[Records excerpted from a collection]
......

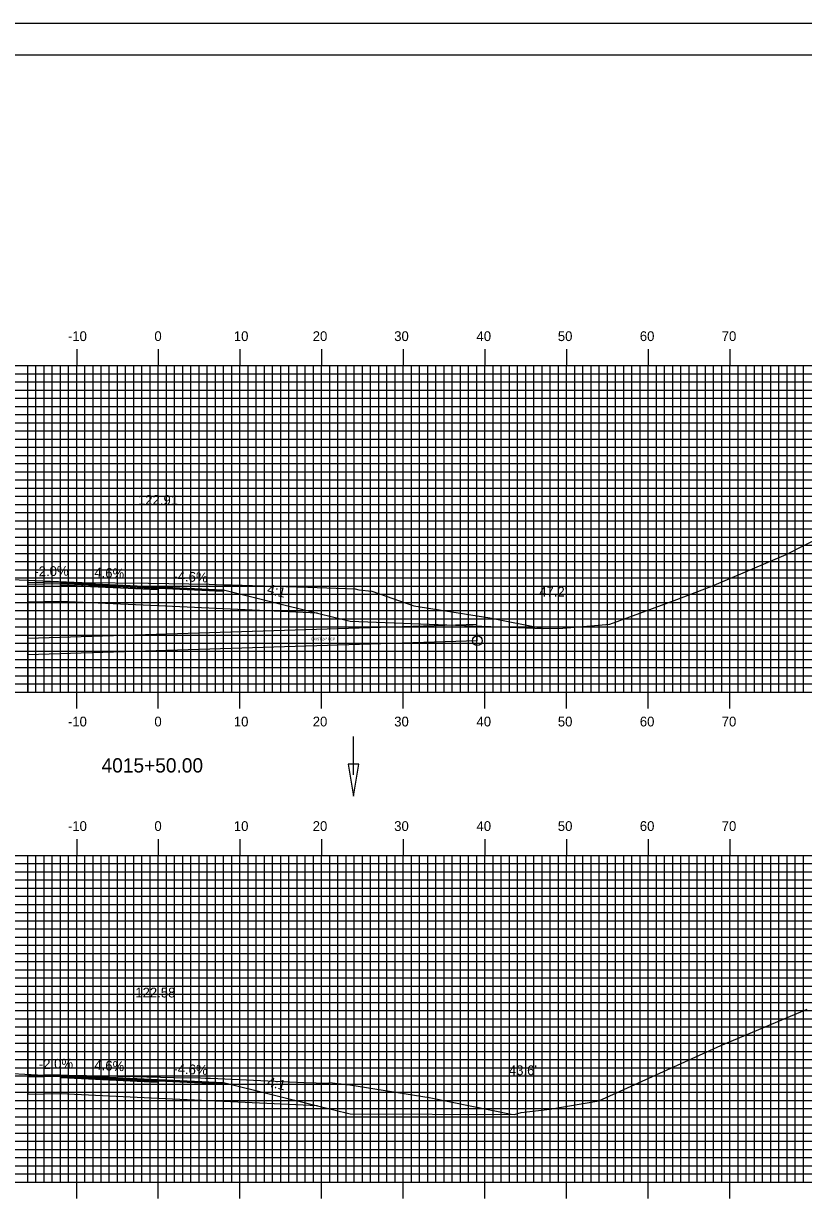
# Model space of a CAD drawing. Extents: x 853721 to 854064, y 364661 to 364881.
# Drawn here: x 853870.3 to 853965.8, y 364736.9 to 364881.3 of the extents above; entities that cross this region are included whole.
import ezdxf

# ---------------------------------------------------------------- set-up
doc = ezdxf.new("R2010")
doc.units = 0
for name, color, linetype in [('ANNOTATION', 7, 'Continuous'), ('BORDER', 7, 'Continuous'), ('D_Drainage_Ditch_Line', 7, 'Continuous'), ('D_Roadway_Centerline_Text', 7, 'Continuous'), ('D_Roadway_Edge_Shoulder', 7, 'Continuous'), ('D_Roadway_Edge_TW', 7, 'Continuous'), ('D_Roadway_Pavement', 7, 'Continuous'), ('D_Roadway_SubGrade', 7, 'Continuous'), ('D_Text_Standard', 7, 'Continuous'), ('H_V ANNOTATION', 7, 'Continuous'), ('M_Drainage_Culvert', 7, 'Continuous'), ('M_Roadway_Centerline', 7, 'Continuous'), ('MAJOR', 7, 'Continuous'), ('MINOR', 7, 'Continuous'), ('PLOT BOUNDARY', 7, 'Continuous'), ('S_Drainage_Invert', 7, 'Continuous'), ('S_Roadway_Centerline', 7, 'Continuous')]:
    doc.layers.add(name, color=color, linetype=linetype)

msp = doc.modelspace()

# ---------------------------------------------------------------- linework, layer by layer
at = {"layer": 'ANNOTATION'}
for points in [[(853906.29, 364809.05), (853910.29, 364808.05), (853933.98, 364807.16)], [(853906.29, 364748.71), (853910.29, 364747.71), (853930.45, 364747.63)]]:
    msp.add_lwpolyline(points, dxfattribs=at)
at = {"layer": 'BORDER'}
msp.add_lwpolyline([(853737.21, 364667.37), (854057.21, 364667.37), (854057.21, 364877.37), (853737.21, 364877.37)], close=True, dxfattribs=at)
at = {"layer": 'D_Drainage_Ditch_Line'}
msp.add_line((853910.7, 364789.25), (853910.7, 364793.95), dxfattribs=at)
msp.add_lwpolyline([(853911.36, 364790.56), (853910.05, 364790.56), (853910.7, 364786.63)], close=True, dxfattribs=at)
at = {"layer": 'D_Roadway_Edge_Shoulder'}
for points in [[(853874.81, 364812.83), (853870.81, 364812.75), (853870.81, 364812.59), (853874.81, 364812.66)], [(853886.81, 364812.28), (853894.81, 364811.91), (853894.81, 364811.75), (853886.81, 364812.11)], [(853874.81, 364752.5), (853870.81, 364752.42), (853870.81, 364752.25), (853874.81, 364752.33)], [(853886.81, 364751.95), (853894.81, 364751.58), (853894.81, 364751.41), (853886.81, 364751.77)]]:
    msp.add_lwpolyline(points, close=True, dxfattribs=at)
at = {"layer": 'D_Roadway_Edge_TW'}
for points in [[(853874.81, 364812.83), (853886.81, 364812.28), (853886.81, 364812.11), (853874.81, 364812.66)], [(853874.81, 364752.5), (853886.81, 364751.95), (853886.81, 364751.77), (853874.81, 364752.33)]]:
    msp.add_lwpolyline(points, close=True, dxfattribs=at)
at = {"layer": 'D_Roadway_Pavement'}
for points in [[(853874.81, 364812.66), (853886.81, 364812.11), (853886.81, 364811.94), (853874.81, 364812.49)], [(853874.81, 364752.33), (853886.81, 364751.77), (853886.81, 364751.61), (853874.81, 364752.16)]]:
    msp.add_lwpolyline(points, close=True, dxfattribs=at)
for points in [[(853874.81, 364812.66), (853874.81, 364812.49)], [(853886.81, 364812.11), (853886.81, 364811.94)], [(853886.81, 364812.11), (853886.81, 364811.94)], [(853874.81, 364752.33), (853874.81, 364752.16)], [(853886.81, 364751.77), (853886.81, 364751.61)], [(853886.81, 364751.77), (853886.81, 364751.61)]]:
    msp.add_lwpolyline(points, dxfattribs=at)
at = {"layer": 'D_Roadway_SubGrade'}
for p, q in [((853870.81, 364819.37), (853870.81, 364810.41)), ((853870.81, 364810.41), (853870.81, 364799.37)), ((853870.81, 364759.37), (853870.81, 364750.08))]:
    msp.add_line(p, q, dxfattribs=at)
for points in [[(853874.81, 364810.49), (853870.81, 364810.41), (853870.81, 364812.75), (853870.81, 364812.59), (853874.81, 364812.66), (853874.81, 364812.49)], [(853874.81, 364812.49), (853886.81, 364811.94), (853886.81, 364809.94), (853874.81, 364810.49)], [(853886.81, 364811.94), (853886.81, 364812.11), (853894.81, 364811.75), (853894.81, 364811.91), (853906.29, 364809.05), (853886.81, 364809.94)], [(853874.81, 364750.16), (853870.81, 364750.08), (853870.81, 364752.42), (853870.81, 364752.25), (853874.81, 364752.33), (853874.81, 364752.16)], [(853874.81, 364752.16), (853886.81, 364751.61), (853886.81, 364749.61), (853874.81, 364750.16)], [(853886.81, 364751.61), (853886.81, 364751.77), (853894.81, 364751.41), (853894.81, 364751.58), (853906.29, 364748.71), (853886.81, 364749.61)]]:
    msp.add_lwpolyline(points, close=True, dxfattribs=at)
at = {"layer": 'M_Drainage_Culvert'}
msp.add_line((853925.88, 364805.67), (853870.81, 364803.96), dxfattribs=at)
msp.add_lwpolyline([(853925.88, 364805.67), (853925.81, 364807.67), (853870.81, 364805.96)], dxfattribs=at)
at = {"layer": 'MAJOR'}
for p, q in [((853876.81, 364841.37), (853876.81, 364839.37)), ((853886.81, 364841.37), (853886.81, 364839.37)), ((853896.81, 364841.37), (853896.81, 364839.37)), ((853906.81, 364841.37), (853906.81, 364839.37)), ((853916.81, 364841.37), (853916.81, 364839.37)), ((853926.81, 364841.37), (853926.81, 364839.37)), ((853936.81, 364841.37), (853936.81, 364839.37)), ((853946.81, 364841.37), (853946.81, 364839.37)), ((853956.81, 364841.37), (853956.81, 364839.37)), ((853746.81, 364839.37), (854026.81, 364839.37)), ((853746.81, 364839.37), (854026.81, 364839.37)), ((853876.81, 364799.37), (853876.81, 364839.37)), ((853886.81, 364799.37), (853886.81, 364839.37)), ((853896.81, 364799.37), (853896.81, 364839.37)), ((853906.81, 364799.37), (853906.81, 364839.37)), ((853916.81, 364799.37), (853916.81, 364839.37)), ((853926.81, 364799.37), (853926.81, 364839.37)), ((853936.81, 364799.37), (853936.81, 364839.37)), ((853946.81, 364799.37), (853946.81, 364839.37)), ((853956.81, 364799.37), (853956.81, 364839.37)), ((853746.81, 364834.37), (854026.81, 364834.37)), ((853746.81, 364829.37), (854026.81, 364829.37)), ((853746.81, 364824.37), (854026.81, 364824.37)), ((853746.81, 364819.37), (854026.81, 364819.37)), ((853746.81, 364814.37), (854026.81, 364814.37)), ((853746.81, 364809.37), (854026.81, 364809.37)), ((853746.81, 364804.37), (854026.81, 364804.37)), ((853746.81, 364799.37), (854026.81, 364799.37)), ((853746.81, 364799.37), (854026.81, 364799.37)), ((853876.81, 364797.37), (853876.81, 364799.37)), ((853886.81, 364797.37), (853886.81, 364799.37)), ((853896.81, 364797.37), (853896.81, 364799.37)), ((853906.81, 364797.37), (853906.81, 364799.37)), ((853916.81, 364797.37), (853916.81, 364799.37)), ((853926.81, 364797.37), (853926.81, 364799.37)), ((853936.81, 364797.37), (853936.81, 364799.37)), ((853946.81, 364797.37), (853946.81, 364799.37)), ((853956.81, 364797.37), (853956.81, 364799.37)), ((853876.81, 364781.37), (853876.81, 364779.37)), ((853886.81, 364781.37), (853886.81, 364779.37)), ((853896.81, 364781.37), (853896.81, 364779.37)), ((853906.81, 364781.37), (853906.81, 364779.37)), ((853916.81, 364781.37), (853916.81, 364779.37)), ((853926.81, 364781.37), (853926.81, 364779.37)), ((853936.81, 364781.37), (853936.81, 364779.37)), ((853946.81, 364781.37), (853946.81, 364779.37)), ((853956.81, 364781.37), (853956.81, 364779.37)), ((853746.81, 364779.37), (854026.81, 364779.37)), ((853746.81, 364779.37), (854026.81, 364779.37)), ((853876.81, 364739.37), (853876.81, 364779.37)), ((853886.81, 364739.37), (853886.81, 364779.37)), ((853896.81, 364739.37), (853896.81, 364779.37)), ((853906.81, 364739.37), (853906.81, 364779.37)), ((853916.81, 364739.37), (853916.81, 364779.37)), ((853926.81, 364739.37), (853926.81, 364779.37)), ((853936.81, 364739.37), (853936.81, 364779.37)), ((853946.81, 364739.37), (853946.81, 364779.37)), ((853956.81, 364739.37), (853956.81, 364779.37)), ((853746.81, 364774.37), (854026.81, 364774.37)), ((853746.81, 364769.37), (854026.81, 364769.37)), ((853746.81, 364764.37), (854026.81, 364764.37)), ((853746.81, 364759.37), (854026.81, 364759.37)), ((853746.81, 364754.37), (854026.81, 364754.37)), ((853746.81, 364749.37), (854026.81, 364749.37)), ((853746.81, 364744.37), (854026.81, 364744.37)), ((853746.81, 364739.37), (854026.81, 364739.37)), ((853746.81, 364739.37), (854026.81, 364739.37)), ((853876.81, 364737.37), (853876.81, 364739.37)), ((853886.81, 364737.37), (853886.81, 364739.37)), ((853896.81, 364737.37), (853896.81, 364739.37)), ((853906.81, 364737.37), (853906.81, 364739.37)), ((853916.81, 364737.37), (853916.81, 364739.37)), ((853926.81, 364737.37), (853926.81, 364739.37)), ((853936.81, 364737.37), (853936.81, 364739.37)), ((853946.81, 364737.37), (853946.81, 364739.37)), ((853956.81, 364737.37), (853956.81, 364739.37))]:
    msp.add_line(p, q, dxfattribs=at)
at = {"layer": 'MINOR'}
for p, q in [((853746.81, 364838.37), (854026.81, 364838.37)), ((853870.81, 364799.37), (853870.81, 364839.37)), ((853871.81, 364799.37), (853871.81, 364839.37)), ((853872.81, 364799.37), (853872.81, 364839.37)), ((853873.81, 364799.37), (853873.81, 364839.37)), ((853874.81, 364799.37), (853874.81, 364839.37)), ((853875.81, 364799.37), (853875.81, 364839.37)), ((853877.81, 364799.37), (853877.81, 364839.37)), ((853878.81, 364799.37), (853878.81, 364839.37)), ((853879.81, 364799.37), (853879.81, 364839.37)), ((853880.81, 364799.37), (853880.81, 364839.37)), ((853881.81, 364799.37), (853881.81, 364839.37)), ((853882.81, 364799.37), (853882.81, 364839.37)), ((853883.81, 364799.37), (853883.81, 364839.37)), ((853884.81, 364799.37), (853884.81, 364839.37)), ((853885.81, 364799.37), (853885.81, 364839.37)), ((853887.81, 364799.37), (853887.81, 364839.37)), ((853888.81, 364799.37), (853888.81, 364839.37)), ((853889.81, 364799.37), (853889.81, 364839.37)), ((853890.81, 364799.37), (853890.81, 364839.37)), ((853891.81, 364799.37), (853891.81, 364839.37)), ((853892.81, 364799.37), (853892.81, 364839.37)), ((853893.81, 364799.37), (853893.81, 364839.37)), ((853894.81, 364799.37), (853894.81, 364839.37)), ((853895.81, 364799.37), (853895.81, 364839.37)), ((853897.81, 364799.37), (853897.81, 364839.37)), ((853898.81, 364799.37), (853898.81, 364839.37)), ((853899.81, 364799.37), (853899.81, 364839.37)), ((853900.81, 364799.37), (853900.81, 364839.37)), ((853901.81, 364799.37), (853901.81, 364839.37)), ((853902.81, 364799.37), (853902.81, 364839.37)), ((853903.81, 364799.37), (853903.81, 364839.37)), ((853904.81, 364799.37), (853904.81, 364839.37)), ((853905.81, 364799.37), (853905.81, 364839.37)), ((853907.81, 364799.37), (853907.81, 364839.37)), ((853908.81, 364799.37), (853908.81, 364839.37)), ((853909.81, 364799.37), (853909.81, 364839.37)), ((853910.81, 364799.37), (853910.81, 364839.37)), ((853911.81, 364799.37), (853911.81, 364839.37)), ((853912.81, 364799.37), (853912.81, 364839.37)), ((853913.81, 364799.37), (853913.81, 364839.37)), ((853914.81, 364799.37), (853914.81, 364839.37)), ((853915.81, 364799.37), (853915.81, 364839.37)), ((853917.81, 364799.37), (853917.81, 364839.37)), ((853918.81, 364799.37), (853918.81, 364839.37)), ((853919.81, 364799.37), (853919.81, 364839.37)), ((853920.81, 364799.37), (853920.81, 364839.37)), ((853921.81, 364799.37), (853921.81, 364839.37)), ((853922.81, 364799.37), (853922.81, 364839.37)), ((853923.81, 364799.37), (853923.81, 364839.37)), ((853924.81, 364799.37), (853924.81, 364839.37)), ((853925.81, 364799.37), (853925.81, 364839.37)), ((853927.81, 364799.37), (853927.81, 364839.37)), ((853928.81, 364799.37), (853928.81, 364839.37)), ((853929.81, 364799.37), (853929.81, 364839.37)), ((853930.81, 364799.37), (853930.81, 364839.37)), ((853931.81, 364799.37), (853931.81, 364839.37)), ((853932.81, 364799.37), (853932.81, 364839.37)), ((853933.81, 364799.37), (853933.81, 364839.37)), ((853934.81, 364799.37), (853934.81, 364839.37)), ((853935.81, 364799.37), (853935.81, 364839.37)), ((853937.81, 364799.37), (853937.81, 364839.37)), ((853938.81, 364799.37), (853938.81, 364839.37)), ((853939.81, 364799.37), (853939.81, 364839.37)), ((853940.81, 364799.37), (853940.81, 364839.37)), ((853941.81, 364799.37), (853941.81, 364839.37)), ((853942.81, 364799.37), (853942.81, 364839.37)), ((853943.81, 364799.37), (853943.81, 364839.37)), ((853944.81, 364799.37), (853944.81, 364839.37)), ((853945.81, 364799.37), (853945.81, 364839.37)), ((853947.81, 364799.37), (853947.81, 364839.37)), ((853948.81, 364799.37), (853948.81, 364839.37)), ((853949.81, 364799.37), (853949.81, 364839.37)), ((853950.81, 364799.37), (853950.81, 364839.37)), ((853951.81, 364799.37), (853951.81, 364839.37)), ((853952.81, 364799.37), (853952.81, 364839.37)), ((853953.81, 364799.37), (853953.81, 364839.37)), ((853954.81, 364799.37), (853954.81, 364839.37)), ((853955.81, 364799.37), (853955.81, 364839.37)), ((853957.81, 364799.37), (853957.81, 364839.37)), ((853958.81, 364799.37), (853958.81, 364839.37)), ((853959.81, 364799.37), (853959.81, 364839.37)), ((853960.81, 364799.37), (853960.81, 364839.37)), ((853961.81, 364799.37), (853961.81, 364839.37)), ((853962.81, 364799.37), (853962.81, 364839.37)), ((853963.81, 364799.37), (853963.81, 364839.37)), ((853964.81, 364799.37), (853964.81, 364839.37)), ((853965.81, 364799.37), (853965.81, 364839.37)), ((853746.81, 364837.37), (854026.81, 364837.37)), ((853746.81, 364836.37), (854026.81, 364836.37)), ((853746.81, 364835.37), (854026.81, 364835.37)), ((853746.81, 364833.37), (854026.81, 364833.37)), ((853746.81, 364832.37), (854026.81, 364832.37)), ((853746.81, 364831.37), (854026.81, 364831.37)), ((853746.81, 364830.37), (854026.81, 364830.37)), ((853746.81, 364828.37), (854026.81, 364828.37)), ((853746.81, 364827.37), (854026.81, 364827.37)), ((853746.81, 364826.37), (854026.81, 364826.37)), ((853746.81, 364825.37), (854026.81, 364825.37)), ((853746.81, 364823.37), (854026.81, 364823.37)), ((853746.81, 364822.37), (854026.81, 364822.37)), ((853746.81, 364821.37), (854026.81, 364821.37)), ((853746.81, 364820.37), (854026.81, 364820.37)), ((853746.81, 364818.37), (854026.81, 364818.37)), ((853746.81, 364817.37), (854026.81, 364817.37)), ((853746.81, 364816.37), (854026.81, 364816.37)), ((853746.81, 364815.37), (854026.81, 364815.37)), ((853746.81, 364813.37), (854026.81, 364813.37)), ((853746.81, 364812.37), (854026.81, 364812.37)), ((853746.81, 364811.37), (854026.81, 364811.37)), ((853746.81, 364810.37), (854026.81, 364810.37)), ((853746.81, 364808.37), (854026.81, 364808.37)), ((853746.81, 364807.37), (854026.81, 364807.37)), ((853746.81, 364806.37), (854026.81, 364806.37)), ((853746.81, 364805.37), (854026.81, 364805.37)), ((853746.81, 364803.37), (854026.81, 364803.37)), ((853746.81, 364802.37), (854026.81, 364802.37)), ((853746.81, 364801.37), (854026.81, 364801.37)), ((853746.81, 364800.37), (854026.81, 364800.37)), ((853870.81, 364739.37), (853870.81, 364779.37)), ((853871.81, 364739.37), (853871.81, 364779.37)), ((853872.81, 364739.37), (853872.81, 364779.37)), ((853873.81, 364739.37), (853873.81, 364779.37)), ((853874.81, 364739.37), (853874.81, 364779.37)), ((853875.81, 364739.37), (853875.81, 364779.37)), ((853877.81, 364739.37), (853877.81, 364779.37)), ((853878.81, 364739.37), (853878.81, 364779.37)), ((853879.81, 364739.37), (853879.81, 364779.37)), ((853880.81, 364739.37), (853880.81, 364779.37)), ((853881.81, 364739.37), (853881.81, 364779.37)), ((853882.81, 364739.37), (853882.81, 364779.37)), ((853883.81, 364739.37), (853883.81, 364779.37)), ((853884.81, 364739.37), (853884.81, 364779.37)), ((853885.81, 364739.37), (853885.81, 364779.37)), ((853887.81, 364739.37), (853887.81, 364779.37)), ((853888.81, 364739.37), (853888.81, 364779.37)), ((853889.81, 364739.37), (853889.81, 364779.37)), ((853890.81, 364739.37), (853890.81, 364779.37)), ((853891.81, 364739.37), (853891.81, 364779.37)), ((853892.81, 364739.37), (853892.81, 364779.37)), ((853893.81, 364739.37), (853893.81, 364779.37)), ((853894.81, 364739.37), (853894.81, 364779.37)), ((853895.81, 364739.37), (853895.81, 364779.37)), ((853897.81, 364739.37), (853897.81, 364779.37)), ((853898.81, 364739.37), (853898.81, 364779.37)), ((853899.81, 364739.37), (853899.81, 364779.37)), ((853900.81, 364739.37), (853900.81, 364779.37)), ((853901.81, 364739.37), (853901.81, 364779.37)), ((853902.81, 364739.37), (853902.81, 364779.37)), ((853903.81, 364739.37), (853903.81, 364779.37)), ((853904.81, 364739.37), (853904.81, 364779.37)), ((853905.81, 364739.37), (853905.81, 364779.37)), ((853907.81, 364739.37), (853907.81, 364779.37)), ((853908.81, 364739.37), (853908.81, 364779.37)), ((853909.81, 364739.37), (853909.81, 364779.37)), ((853910.81, 364739.37), (853910.81, 364779.37)), ((853911.81, 364739.37), (853911.81, 364779.37)), ((853912.81, 364739.37), (853912.81, 364779.37)), ((853913.81, 364739.37), (853913.81, 364779.37)), ((853914.81, 364739.37), (853914.81, 364779.37)), ((853915.81, 364739.37), (853915.81, 364779.37)), ((853917.81, 364739.37), (853917.81, 364779.37)), ((853918.81, 364739.37), (853918.81, 364779.37)), ((853919.81, 364739.37), (853919.81, 364779.37)), ((853920.81, 364739.37), (853920.81, 364779.37)), ((853921.81, 364739.37), (853921.81, 364779.37)), ((853922.81, 364739.37), (853922.81, 364779.37)), ((853923.81, 364739.37), (853923.81, 364779.37)), ((853924.81, 364739.37), (853924.81, 364779.37)), ((853925.81, 364739.37), (853925.81, 364779.37)), ((853927.81, 364739.37), (853927.81, 364779.37)), ((853928.81, 364739.37), (853928.81, 364779.37)), ((853929.81, 364739.37), (853929.81, 364779.37)), ((853930.81, 364739.37), (853930.81, 364779.37)), ((853931.81, 364739.37), (853931.81, 364779.37)), ((853932.81, 364739.37), (853932.81, 364779.37)), ((853933.81, 364739.37), (853933.81, 364779.37)), ((853934.81, 364739.37), (853934.81, 364779.37)), ((853935.81, 364739.37), (853935.81, 364779.37)), ((853937.81, 364739.37), (853937.81, 364779.37)), ((853938.81, 364739.37), (853938.81, 364779.37)), ((853939.81, 364739.37), (853939.81, 364779.37)), ((853940.81, 364739.37), (853940.81, 364779.37)), ((853941.81, 364739.37), (853941.81, 364779.37)), ((853942.81, 364739.37), (853942.81, 364779.37)), ((853943.81, 364739.37), (853943.81, 364779.37)), ((853944.81, 364739.37), (853944.81, 364779.37)), ((853945.81, 364739.37), (853945.81, 364779.37)), ((853947.81, 364739.37), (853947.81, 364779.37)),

......

Instructions to follow
Find the lines in the records that contain the word "linetype", then copy every one of them.

Answer space
for name, color, linetype in [('ANNOTATION', 7, 'Continuous'), ('BORDER', 7, 'Continuous'), ('D_Drainage_Ditch_Line', 7, 'Continuous'), ('D_Roadway_Centerline_Text', 7, 'Continuous'), ('D_Roadway_Edge_Shoulder', 7, 'Continuous'), ('D_Roadway_Edge_TW', 7, 'Continuous'), ('D_Roadway_Pavement', 7, 'Continuous'), ('D_Roadway_SubGrade', 7, 'Continuous'), ('D_Text_Standard', 7, 'Continuous'), ('H_V ANNOTATION', 7, 'Continuous'), ('M_Drainage_Culvert', 7, 'Continuous'), ('M_Roadway_Centerline', 7, 'Continuous'), ('MAJOR', 7, 'Continuous'), ('MINOR', 7, 'Continuous'), ('PLOT BOUNDARY', 7, 'Continuous'), ('S_Drainage_Invert', 7, 'Continuous'), ('S_Roadway_Centerline', 7, 'Continuous')]:
    doc.layers.add(name, color=color, linetype=linetype)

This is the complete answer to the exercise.